Nothing has changed in Armenia as a result of 2012 in terms of the economy.
The negative balance of foreign trade remains one of the main characteristics of the Armenian economy and continues to increase, in spite export growth outrunning that of imports. In absolute terms, Armenia imports more goods than it exports. If 10 years ago, imports were 1.9 times higher than exports in absolute terms, in 2012 this figure rose to 2.9 times and is now about $3 billion. This, despite assurances from the government about the promotion of local producers, indicates the opposite, i.e. that the market continues to be dominated by foreign goods, including food products.
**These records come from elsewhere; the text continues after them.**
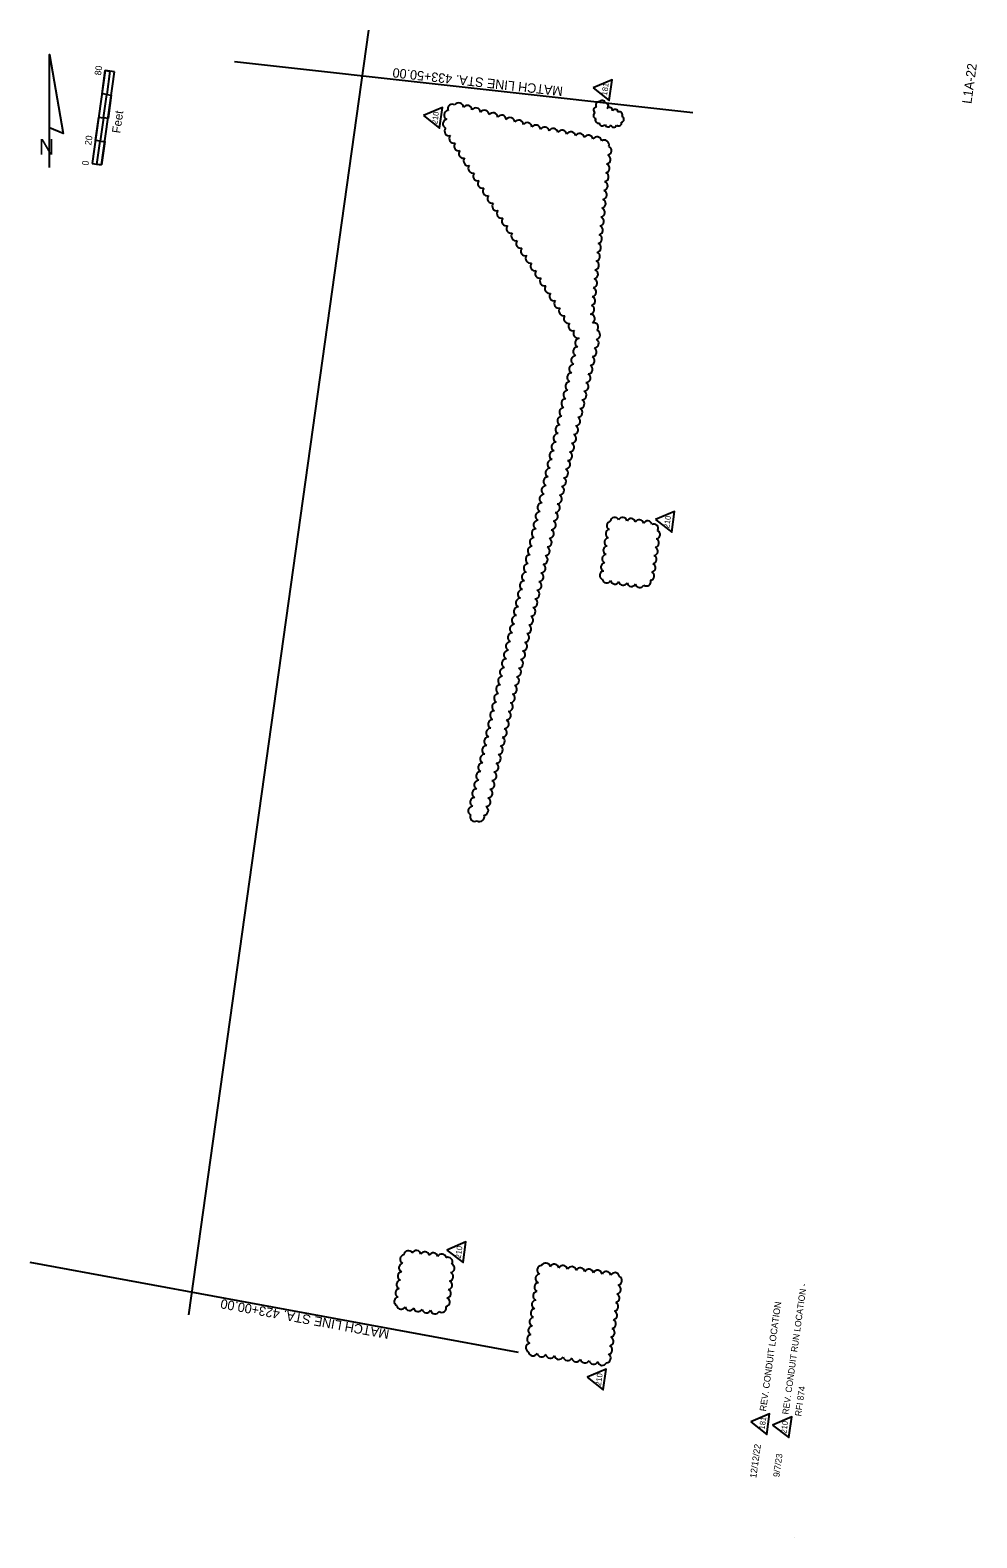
# Model space of a CAD drawing. Extents: x 930328 to 931132, y 618295 to 619577.
import ezdxf

# ---------------------------------------------------------------- set-up
doc = ezdxf.new("R2010")
doc.units = 0
for name, color, linetype in [('ActivePointCell_dp', 7, 'Continuous'), ('AdhocPoint_dp', 7, 'Continuous'), ('Cloud_dp', 7, 'Continuous'), ('MatchLines_dp', 7, 'Continuous'), ('NorthArw_dp', 7, 'Continuous'), ('Scale_dp', 7, 'Continuous'), ('TextMinor', 7, 'Continuous'), ('TextShtNo', 7, 'Continuous')]:
    doc.layers.add(name, color=color, linetype=linetype)

msp = doc.modelspace()

# ---------------------------------------------------------------- linework, layer by layer
at = {"layer": 'ActivePointCell_dp'}
msp.add_line((930462.9, 618484.8), (930615.7, 619577), dxfattribs=at)
at = {"layer": 'AdhocPoint_dp'}
msp.add_line((930977.7, 618295.3), (930977.7, 618295.3), dxfattribs=at)
at = {"layer": 'Cloud_dp'}
for points in [[(930806.3, 619527.9), (930820, 619517.2), (930822.5, 619534.7)], [(930662.3, 619504.4), (930676, 619493.7), (930678.5, 619511.2)], [(930859.3, 619160.9), (930873.1, 619150.2), (930875.5, 619167.7)], [(930682.2, 618540), (930695.9, 618529.4), (930698.3, 618546.9)], [(930801.3, 618431.9), (930815, 618421.2), (930817.5, 618438.7)], [(930940.2, 618393.9), (930953.9, 618383.3), (930956.3, 618400.8)], [(930958.8, 618391.2), (930972.5, 618380.6), (930975, 618398.1)]]:
    msp.add_lwpolyline(points, close=True, dxfattribs=at)
for centre, radius, start, end in [((930686.8, 619510.1), 3.96, 56.0314, 201.0314), ((930692.3, 619511.2), 3.96, 1.4093, 146.4093), ((930811.1, 619513.4), 2.59, 76.6227, 221.6227), ((930814, 619514.7), 2.59, 7.3419, 152.3419), ((930816.7, 619512.5), 2.59, 308.1795, 93.1795), ((930682.7, 619497.3), 3.96, 99.7513, 244.7513), ((930683.7, 619504.8), 3.96, 99.7513, 244.7513), ((930699.5, 619509.1), 3.96, 1.4093, 146.4093), ((930706.8, 619507), 3.96, 1.4093, 146.4093), ((930714.1, 619504.9), 3.96, 1.4093, 146.4093), ((930721.3, 619502.8), 3.96, 1.4093, 146.4093), ((930728.6, 619500.8), 3.96, 1.4093, 146.4093), ((930735.8, 619498.7), 3.96, 1.4093, 146.4093), ((930809.1, 619504.5), 2.59, 114.733, 259.733), ((930809.3, 619509.1), 2.59, 94.2302, 239.2302), ((930810.8, 619500.5), 2.59, 145.1509, 290.1509), ((930820.2, 619508.7), 2.59, 352.7587, 137.7587), ((930825.1, 619507.1), 2.59, 6.5554, 151.5554), ((930828.7, 619505), 2.59, 327.632, 112.632), ((930829.9, 619501.2), 2.59, 283.9994, 68.9994), ((930684.1, 619491.2), 3.96, 139.9311, 284.9311), ((930743.1, 619496.6), 3.96, 1.4093, 146.4093), ((930750.4, 619494.5), 3.96, 1.4093, 146.4093), ((930757.7, 619492.4), 3.96, 2.5284, 147.5284), ((930765.1, 619490.7), 3.96, 6.8711, 151.8711), ((930772.5, 619489.4), 3.96, 6.8711, 151.8711), ((930780, 619488), 3.96, 6.8711, 151.8711), ((930787.4, 619486.6), 3.96, 6.8711, 151.8711), ((930794.8, 619485.2), 3.96, 6.8711, 151.8711), ((930814.2, 619498.2), 2.59, 183.3784, 328.3784), ((930819, 619497.4), 2.59, 192.3062, 337.3062), ((930823.9, 619497), 2.59, 194.2695, 339.2695), ((930828, 619498.1), 2.59, 229.0551, 14.0551), ((930688.1, 619484.8), 3.96, 139.9311, 284.9311), ((930692.2, 619478.4), 3.96, 139.9311, 284.9311), ((930802.3, 619483.8), 3.96, 6.8711, 151.8711), ((930809.7, 619482.4), 3.96, 6.8711, 151.8711), ((930815.9, 619479.6), 3.96, 340.1548, 125.1548), ((930818, 619474.6), 3.96, 281.3046, 66.3046), ((930696.2, 619472), 3.96, 139.9311, 284.9311), ((930700.3, 619465.7), 3.96, 139.9311, 284.9311), ((930816.4, 619459.6), 3.96, 281.3046, 66.3046), ((930817.2, 619467.1), 3.96, 281.3046, 66.3046), ((930704.3, 619459.3), 3.96, 139.9311, 284.9311), ((930708.4, 619452.9), 3.96, 139.9311, 284.9311), ((930815.6, 619452.1), 3.96, 281.3046, 66.3046), ((930712.4, 619446.5), 3.96, 139.9311, 284.9311), ((930716.5, 619440.2), 3.96, 139.9311, 284.9311), ((930814, 619437.1), 3.96, 281.3046, 66.3046), ((930814.8, 619444.6), 3.96, 281.3046, 66.3046), ((930720.5, 619433.8), 3.96, 139.9311, 284.9311), ((930724.6, 619427.4), 3.96, 139.9311, 284.9311), ((930812.3, 619422.1), 3.96, 281.3046, 66.3046), ((930813.1, 619429.6), 3.96, 281.3046, 66.3046), ((930728.6, 619421), 3.96, 139.9311, 284.9311), ((930732.7, 619414.6), 3.96, 139.9311, 284.9311), ((930811.5, 619414.5), 3.96, 281.3046, 66.3046), ((930736.7, 619408.3), 3.96, 139.9311, 284.9311), ((930740.8, 619401.9), 3.96, 139.9311, 284.9311), ((930809.9, 619399.5), 3.96, 281.3046, 66.3046), ((930810.7, 619407), 3.96, 281.3046, 66.3046), ((930744.9, 619395.5), 3.96, 139.9311, 284.9311), ((930748.9, 619389.1), 3.96, 139.9311, 284.9311), ((930808.2, 619384.5), 3.96, 281.3046, 66.3046), ((930809.1, 619392), 3.96, 281.3046, 66.3046), ((930753, 619382.8), 3.96, 139.9311, 284.9311), ((930757, 619376.4), 3.96, 139.9311, 284.9311), ((930806.6, 619369.5), 3.96, 281.3046, 66.3046), ((930807.4, 619377), 3.96, 281.3046, 66.3046), ((930761.1, 619370), 3.96, 139.9311, 284.9311), ((930765.1, 619363.6), 3.96, 139.9311, 284.9311), ((930805.8, 619362), 3.96, 281.3046, 66.3046), ((930769.2, 619357.2), 3.96, 139.9311, 284.9311), ((930773.2, 619350.9), 3.96, 139.9311, 284.9311), ((930804.2, 619346.9), 3.96, 281.3046, 66.3046), ((930805, 619354.4), 3.96, 281.3046, 66.3046), ((930777.3, 619344.5), 3.96, 139.9311, 284.9311), ((930781.3, 619338.1), 3.96, 139.9311, 284.9311), ((930803.4, 619339.4), 3.96, 281.3046, 66.3046), ((930803.9, 619331.6), 3.96, 301.2239, 86.2239), ((930785.4, 619331.7), 3.96, 139.9311, 284.9311), ((930789.4, 619325.4), 3.96, 139.9311, 284.9311), ((930793.5, 619319), 3.96, 139.9311, 284.9311), ((930806.8, 619324.3), 3.96, 317.8491, 102.8491), ((930808.3, 619318), 3.96, 283.3225, 68.3225), ((930795, 619311.2), 3.96, 96.6253, 241.6253), ((930807.2, 619310.7), 3.96, 274.2223, 59.2223), ((930791.7, 619296.4), 3.96, 94.6359, 239.6359), ((930793.4, 619303.8), 3.96, 94.6359, 239.6359), ((930803.7, 619296), 3.96, 274.2223, 59.2223), ((930805.4, 619303.4), 3.96, 274.2223, 59.2223), ((930788.3, 619281.7), 3.96, 94.6359, 239.6359), ((930790, 619289), 3.96, 94.6359, 239.6359), ((930800.2, 619281.3), 3.96, 274.2223, 59.2223), ((930802, 619288.7), 3.96, 274.2223, 59.2223), ((930785, 619266.9), 3.96, 94.6359, 239.6359), ((930786.7, 619274.3), 3.96, 94.6359, 239.6359), ((930798.5, 619274), 3.96, 274.2223, 59.2223), ((930783.3, 619259.6), 3.96, 94.6359, 239.6359), ((930795, 619259.3), 3.96, 274.2223, 59.2223), ((930796.7, 619266.6), 3.96, 274.2223, 59.2223), ((930779.9, 619244.8), 3.96, 94.6359, 239.6359), ((930781.6, 619252.2), 3.96, 94.6359, 239.6359), ((930791.5, 619244.5), 3.96, 274.2223, 59.2223), ((930793.3, 619251.9), 3.96, 274.2223, 59.2223), ((930776.6, 619230.1), 3.96, 94.6359, 239.6359), ((930778.3, 619237.5), 3.96, 94.6359, 239.6359), ((930788.1, 619229.8), 3.96, 274.2223, 59.2223), ((930789.8, 619237.2), 3.96, 274.2223, 59.2223), ((930773.2, 619215.4), 3.96, 94.6359, 239.6359), ((930774.9, 619222.7), 3.96, 94.6359, 239.6359), ((930786.3, 619222.5), 3.96, 274.2223, 59.2223), ((930771.5, 619208), 3.96, 94.6359, 239.6359), ((930782.9, 619207.8), 3.96, 274.2223, 59.2223), ((930784.6, 619215.1), 3.96, 274.2223, 59.2223), ((930768.2, 619193.3), 3.96, 94.6359, 239.6359), ((930769.8, 619200.6), 3.96, 94.6359, 239.6359), ((930779.4, 619193.1), 3.96, 274.2223, 59.2223), ((930781.1, 619200.4), 3.96, 274.2223, 59.2223), ((930764.8, 619178.5), 3.96, 94.6359, 239.6359), ((930766.5, 619185.9), 3.96, 94.6359, 239.6359), ((930775.9, 619178.4), 3.96, 274.2223, 59.2223), ((930777.7, 619185.7), 3.96, 274.2223, 59.2223), ((930761.4, 619163.8), 3.96, 94.6359, 239.6359), ((930763.1, 619171.2), 3.96, 94.6359, 239.6359), ((930774.2, 619171), 3.96, 274.2223, 59.2223), ((930759.7, 619156.4), 3.96, 94.6359, 239.6359), ((930770.7, 619156.3), 3.96, 274.2223, 59.2223), ((930772.4, 619163.6), 3.96, 274.2223, 59.2223), ((930821.7, 619155.8), 3.73, 99.5383, 244.5383), ((930824.7, 619159), 3.73, 27.1915, 172.1915), ((930831.4, 619159.1), 3.73, 9.5383, 154.5383), ((930838.5, 619158.1), 3.73, 9.5383, 154.5383), ((930845.5, 619157.1), 3.73, 9.5383, 154.5383), ((930852.6, 619156.1), 3.73, 9.5383, 154.5383), ((930857.9, 619153.4), 3.73, 330.9317, 115.9317), ((930756.4, 619141.7), 3.96, 94.6359, 239.6359), ((930758.1, 619149.1), 3.96, 94.6359, 239.6359), ((930767.2, 619141.6), 3.96, 274.2223, 59.2223), ((930769, 619148.9), 3.96, 274.2223, 59.2223), ((930819.7, 619141.7), 3.73, 99.5383, 244.5383), ((930820.7, 619148.8), 3.73, 99.5383, 244.5383), ((930858.6, 619141.2), 3.73, 279.5383, 64.5383), ((930859.5, 619148.2), 3.73, 279.5383, 64.5383), ((930753, 619127), 3.96, 94.6359, 239.6359), ((930754.7, 619134.3), 3.96, 94.6359, 239.6359), ((930763.8, 619126.9), 3.96, 274.2223, 59.2223), ((930765.5, 619134.2), 3.96, 274.2223, 59.2223), ((930817.7, 619127.6), 3.73, 99.5383, 244.5383), ((930818.7, 619134.7), 3.73, 99.5383, 244.5383), ((930856.6, 619127.1), 3.73, 279.5383, 64.5383), ((930857.6, 619134.1), 3.73, 279.5383, 64.5383), ((930751.3, 619119.6), 3.96, 94.6359, 239.6359), ((930762, 619119.5), 3.96, 274.2223, 59.2223), ((930815.7, 619113.5), 3.73, 99.5383, 244.5383), ((930816.7, 619120.6), 3.73, 99.5383, 244.5383), ((930855.6, 619120), 3.73, 279.5383, 64.5383), ((930748, 619104.9), 3.96, 94.6359, 239.6359), ((930749.7, 619112.2), 3.96, 94.6359, 239.6359), ((930758.6, 619104.8), 3.96, 274.2223, 59.2223), ((930760.3, 619112.2), 3.96, 274.2223, 59.2223), ((930817.8, 619110.8), 3.73, 189.5383, 334.5383), ((930824.9, 619109.8), 3.73, 189.5383, 334.5383), ((930831.9, 619108.8), 3.73, 189.5383, 334.5383), ((930839, 619107.8), 3.73, 189.5383, 334.5383), ((930846, 619106.8), 3.73, 189.5383, 334.5383), ((930851.7, 619108.2), 3.73, 232.3336, 17.3336), ((930854.6, 619113), 3.73, 279.5383, 64.5383), ((930744.6, 619090.1), 3.96, 94.6359, 239.6359), ((930746.3, 619097.5), 3.96, 94.6359, 239.6359), ((930755.1, 619090.1), 3.96, 274.2223, 59.2223), ((930756.8, 619097.4), 3.96, 274.2223, 59.2223), ((930741.2, 619075.4), 3.96, 94.6359, 239.6359), ((930742.9, 619082.8), 3.96, 94.6359, 239.6359), ((930751.6, 619075.4), 3.96, 274.2223, 59.2223), ((930753.4, 619082.7), 3.96, 274.2223, 59.2223), ((930739.6, 619068), 3.96, 94.6359, 239.6359), ((930749.9, 619068), 3.96, 274.2223, 59.2223), ((930736.2, 619053.3), 3.96, 94.6359, 239.6359), ((930737.9, 619060.7), 3.96, 94.6359, 239.6359), ((930746.4, 619053.3), 3.96, 274.2223, 59.2223), ((930748.2, 619060.7), 3.96, 274.2223, 59.2223), ((930732.8, 619038.6), 3.96, 94.6359, 239.6359), ((930734.5, 619045.9), 3.96, 94.6359, 239.6359), ((930742.9, 619038.6), 3.96, 274.2223, 59.2223), ((930744.7, 619046), 3.96, 274.2223, 59.2223), ((930729.5, 619023.8), 3.96, 94.6359, 239.6359), ((930731.1, 619031.2), 3.96, 94.6359, 239.6359), ((930739.5, 619023.9), 3.96, 274.2223, 59.2223), ((930741.2, 619031.3), 3.96, 274.2223, 59.2223), ((930727.8, 619016.5), 3.96, 94.6359, 239.6359), ((930737.7, 619016.5), 3.96, 274.2223, 59.2223), ((930724.4, 619001.7), 3.96, 94.6359, 239.6359), ((930726.1, 619009.1), 3.96, 94.6359, 239.6359), ((930734.3, 619001.8), 3.96, 274.2223, 59.2223), ((930736, 619009.2), 3.96, 274.2223, 59.2223), ((930721.1, 618987), 3.96, 94.6359, 239.6359), ((930722.7, 618994.4), 3.96, 94.6359, 239.6359), ((930730.8, 618987.1), 3.96, 274.2223, 59.2223), ((930732.5, 618994.5), 3.96, 274.2223, 59.2223), ((930717.7, 618972.3), 3.96, 94.6359, 239.6359), ((930719.4, 618979.6), 3.96, 94.6359, 239.6359), ((930727.3, 618972.4), 3.96, 274.2223, 59.2223), ((930729.1, 618979.8), 3.96, 274.2223, 59.2223), ((930716, 618964.9), 3.96, 94.6359, 239.6359), ((930725.6, 618965.1), 3.96, 274.2223, 59.2223), ((930712.6, 618950.2), 3.96, 94.6359, 239.6359), ((930714.3, 618957.5), 3.96, 94.6359, 239.6359), ((930722.1, 618950.4), 3.96, 274.2223, 59.2223), ((930723.9, 618957.7), 3.96, 274.2223, 59.2223), ((930709.3, 618935.4), 3.96, 94.6359, 239.6359), ((930711, 618942.8), 3.96, 94.6359, 239.6359), ((930718.6, 618935.6), 3.96, 274.2223, 59.2223), ((930720.4, 618943), 3.96, 274.2223, 59.2223), ((930705.9, 618920.7), 3.96, 94.6359, 239.6359), ((930707.6, 618928.1), 3.96, 94.6359, 239.6359), ((930715.2, 618920.9), 3.96, 274.2223, 59.2223), ((930716.9, 618928.3), 3.96, 274.2223, 59.2223), ((930704.2, 618913.3), 3.97, 94.6359, 239.6359), ((930713.4, 618913.6), 3.96, 274.2223, 59.2223), ((930705.8, 618908.3), 3.96, 155.7405, 300.7405), ((930710, 618908.2), 3.96, 236.5029, 21.5029), ((930645.2, 618525), 3.81, 99.5383, 244.5383), ((930646.2, 618532.2), 3.81, 99.5383, 244.5383), ((930649.4, 618535.6), 3.81, 29.4069, 174.4069), ((930656.2, 618535.8), 3.81, 9.5383, 154.5383), ((930663.4, 618534.8), 3.81, 9.5383, 154.5383), ((930670.6, 618533.8), 3.81, 9.5383, 154.5383), ((930677.8, 618532.8), 3.81, 9.5383, 154.5383), ((930683.1, 618530), 3.81, 329.995, 114.995), ((930684.8, 618524.6), 3.81, 279.5383, 64.5383), ((930766, 618525.1), 3.89, 9.5383, 154.5383), ((930773.3, 618524.1), 3.89, 9.5383, 154.5383), ((930780.7, 618523), 3.89, 9.5383, 154.5383), ((930643.2, 618510.6), 3.81, 99.5383, 244.5383), ((930644.2, 618517.8), 3.81, 99.5383, 244.5383), ((930683.8, 618517.4), 3.81, 279.5383, 64.5383), ((930761.3, 618515.7), 3.89, 99.5383, 244.5383), ((930762.7, 618522.9), 3.89, 93.443, 238.443), ((930788.1, 618522), 3.89, 9.5383, 154.5383), ((930795.4, 618521), 3.89, 9.5383, 154.5383), ((930802.8, 618519.9), 3.89, 9.5383, 154.5383), ((930810.1, 618518.9), 3.89, 9.5383, 154.5383), ((930817.5, 618517.9), 3.89, 9.5383, 154.5383), ((930824.8, 618516.9), 3.89, 9.5383, 154.5383), ((930827, 618514), 3.89, 279.5383, 64.5383), ((930642.2, 618503.4), 3.81, 99.5383, 244.5383), ((930681.8, 618503), 3.81, 279.5383, 64.5383), ((930682.8, 618510.2), 3.81, 279.5383, 64.5383), ((930759.2, 618501), 3.89, 99.5383, 244.5383), ((930760.3, 618508.4), 3.89, 99.5383, 244.5383), ((930824.9, 618499.3), 3.89, 279.5383, 64.5383), ((930826, 618506.6), 3.89, 279.5383, 64.5383), ((930641.2, 618496.2), 3.81, 99.5383, 244.5383), ((930643.3, 618493.4), 3.81, 189.5383, 334.5383), ((930650.5, 618492.4), 3.81, 189.5383, 334.5383), ((930657.7, 618491.4), 3.81, 189.5383, 334.5383), ((930664.9, 618490.4), 3.81, 189.5383, 334.5383), ((930672.1, 618489.4), 3.81, 189.5383, 334.5383), ((930677.8, 618490.8), 3.81, 234.2333, 19.2333), ((930680.8, 618495.8), 3.81, 279.5383, 64.5383), ((930757.2, 618486.3), 3.89, 99.5383, 244.5383), ((930758.2, 618493.6), 3.89, 99.5383, 244.5383), ((930823.9, 618491.9), 3.89, 279.5383, 64.5383), ((930756.2, 618478.9), 3.89, 99.5383, 244.5383), ((930821.9, 618477.2), 3.89, 279.5383, 64.5383), ((930822.9, 618484.6), 3.89, 279.5383, 64.5383), ((930754.1, 618464.2), 3.89, 99.5383, 244.5383), ((930755.1, 618471.6), 3.89, 99.5383, 244.5383), ((930819.8, 618462.5), 3.89, 279.5383, 64.5383), ((930820.8, 618469.8), 3.89, 279.5383, 64.5383), ((930753.1, 618456.9), 3.89, 99.5383, 244.5383), ((930755.2, 618454), 3.89, 189.5383, 334.5383), ((930762.6, 618453), 3.89, 189.5383, 334.5383), ((930770, 618451.9), 3.89, 189.5383, 334.5383), ((930777.3, 618450.9), 3.89, 189.5383, 334.5383), ((930817.4, 618448), 3.89, 273.443, 58.443), ((930818.8, 618455.1), 3.89, 279.5383, 64.5383), ((930784.7, 618449.9), 3.89, 189.5383, 334.5383), ((930792, 618448.8), 3.89, 189.5383, 334.5383), ((930799.4, 618447.8), 3.89, 189.5383, 334.5383), ((930806.7, 618446.8), 3.89, 189.5383, 334.5383), ((930814.1, 618445.8), 3.89, 189.5383, 334.5383)]:
    msp.add_arc(centre, radius, start, end, dxfattribs=at)
at = {"layer": 'MatchLines_dp'}
for p, q in [((930891.1, 619506.7), (930501.8, 619550.1)), ((930742.9, 618452.9), (930328.2, 618529.4))]:
    msp.add_line(p, q, dxfattribs=at)
at = {"layer": 'NorthArw_dp'}
msp.add_line((930344.7, 619460.3), (930344.7, 619556.3), dxfattribs=at)
msp.add_lwpolyline([(930344.7, 619493.9), (930344.7, 619556.3), (930356.3, 619489.1)], close=True, dxfattribs=at)
at = {"layer": 'Scale_dp'}
for p, q in [((930392, 619542.7), (930380.9, 619463.5)), ((930388.9, 619462.4), (930399.9, 619541.6)), ((930399.9, 619541.6), (930392, 619542.7)), ((930380.9, 619463.5), (930388.9, 619462.4))]:
    msp.add_line(p, q, dxfattribs=at)
for points in [[(930393.2, 619522.3), (930389.2, 619522.9), (930392, 619542.7), (930395.9, 619542.2)], [(930394.4, 619502), (930390.4, 619502.5), (930393.2, 619522.3), (930397.1, 619521.8)], [(930387.6, 619482.7), (930383.7, 619483.3), (930386.4, 619503.1), (930390.4, 619502.5)], [(930388.9, 619462.4), (930384.9, 619462.9), (930387.6, 619482.7), (930391.6, 619482.2)]]:
    msp.add_lwpolyline(points, close=True, dxfattribs=at)

# ---------------------------------------------------------------- texts
at = {"layer": 'Cloud_dp'}
for s, p in [('181', (930818.1, 619521.2)), ('210', (930674, 619496.8)), ('210', (930871, 619153.3)), ('210', (930693.9, 618532.5)), ('210', (930813, 618424.3)), ('181', (930952, 618387.2)), ('210', (930970.5, 618383.7))]:
    msp.add_text(s, height=4.8, rotation=82.0383, dxfattribs=at).set_placement(p)
at = {"layer": 'MatchLines_dp'}
for s, rotation, p in [('MATCH LINE STA. 433+50.00', 173.6425, (930781, 619528.8)), ('MATCH LINE STA. 423+00.00', 169.5563, (930633.7, 618472.1))]:
    msp.add_text(s, height=8, rotation=rotation, dxfattribs=at).set_placement(p)
at = {"layer": 'NorthArw_dp'}
msp.add_text('N', height=13.4, dxfattribs=at).set_placement((930335.6, 619471.1))
at = {"layer": 'Scale_dp'}
for s, height, p in [('80', 5.6, (930388.3, 619538.2)), ('Feet', 7.2, (930404.7, 619489)), ('20', 5.6, (930380, 619478.8)), ('0', 5.6, (930377.6, 619461.6))]:
    msp.add_text(s, height=height, rotation=82.0794, dxfattribs=at).set_placement(p)
at = {"layer": 'TextMinor'}
for s, height, p in [('REV. CONDUIT RUN LOCATION - ', 5.376, (930972.3, 618399.9)), ('REV. CONDUIT LOCATION', 5.6, (930953.2, 618402.6)), ('RFI 874', 5.38, (930983, 618398.4)), ('12/12/22', 5.6, (930944.9, 618345.8)), ('9/7/23', 5.38, (930964.5, 618346.7))]:
    msp.add_text(s, height=height, rotation=82.0383, dxfattribs=at).set_placement(p)
at = {"layer": 'TextShtNo'}
msp.add_text('L1A-22', height=8, rotation=82.0383, dxfattribs=at).set_placement((931127.6, 619514))

doc.saveas('drawing.dxf')

Economic growth, which remains at 6%, is traditionally supported by the sale of raw materials such ferrous metals and metal ores.
According to some experts, despite the fact that there has been a slight positive dynamic in the Armenian economy this year, the population remains dissatisfied with the current situation and does not sense any positive trends. With inflation at 4.5% this year there have been made no moves to raise the average wage of $280 per month, and nothing has been done to raise pensions, the highest of which is $100.
One of the paradoxes of the Armenian economy lies in the fact that this year once again food prices increased. Thus, the price of potatoes in Armenia grew by 11%, cabbage by 33%. Meanwhile, prices for food are falling: on the international stock exchange the average price of rice, sugar, potatoes fell approximately 15 %.
In 2012, the trend of active capital export continued in Armenia. The former Prime Minister Hrant Bagratyan believes that the export of capital in 2012 in Armenia amounted to about half a billion dollars and called this figure "alarming." One of the most negative characteristics of the Armenian economy is the so-called "shadow" economy, which according to the IMF accounts for 35% of GDP in Armenia. In fact, according to some experts, this figure is closer to 50%. Even if we assume that the ratio of taxes to GDP is 35%, the inability to collect taxes is obvious. However, small and medium-sized enterprises continue to play the major burden in paying taxes. Economists believe that the current mechanism of taxation will lead small and medium-sized enterprises in Armenia to bankruptcy. Another alarming tendency is the decrease in foreign investment in the Armenian economy. According to official data, foreign investment declined by 35% this year, direct investments - by 54%. According to the head of the research center "Alternative", Doctor of Economics Tatul Manaseryan, the decline in foreign investment was caused by political processes in the country. In 2012, Armenia held parliamentary elections, presidential elections are taking place in 2013. According to Manaseryan, a deceleration in investment with elections was expected and predictable.
Meanwhile, economic expert and representative of the opposition Armenian National Congress Vaagn Khachatryan is convinced that the decline in foreign investments can be regarded as a significant indicator ofthe unattractiveness of the Armenian economy. He stressed that there is no free market in Armenia, no competition, and that private property is not protected. Also, certain people play a great role in the economy, while capital does not favor such conditions, opting for freedom, law, and good governance.
A major problem is the lack of positive changes in the development of small and medium-sized businesses, which have a direct impact on the social sector. Thanks to the exclusive domination of monopolies in the economy, there are still very few economically-independent people in the country. Thus, 85% of Armenian export goods are produced by large businesses, particularly in the mining sector, while the share of small and medium-sized business is only 15%.
"This trend has been prevailing for many years now. Exports are dominated by the usual 25 kinds of products, which are manufactured by large businesses. This indicates that the country does not produce any
new types of products that could impact on exports," the director of "AE consulting" Gagik Margaryan believes. According to Margaryan, small and medium-sized businesses do not have unequal conditions to compete on the market and could benefit from targeted government loans to stimulate exports.
Although the government has repeatedly expressed its concerns about the dominating role of monopolies on the Armenian market, it has not done anything.
"The economic system in Armenia seems to aim at the destruction of small and medium-sized businesses. The economy is absolutely monopolized, oligarchs eliminate small businesses with the help of administrative resources and power," the former chairman of the Central Bank of Armenia Bagrat Asatryan believes.
Imports are also monopolized. There are no formal restrictions for importers, but everyone knows that if someone tries to break a tacit monopoly, there will be problems at the customs and other administrative bodies.
"It is almost impossible to diversify the Armenian economy due to corruption among the tax and customs authorities, the lack of equal competitive opportunities in the market and the availability of an oligopoly," the former representative of Armenia at the World Bank Aristomene Varudakis said.
The majority of the population remains in very harsh socio-economic conditions, while the country's economy depends only on a few dozen families. Despite the promises of the government, industry and high technologies are not developing. These problems can be resolved only if the authorities have the political will to do so and in 2012 there have been made no significant steps to overcome the main negative trends and tendencies in the Armenian economy.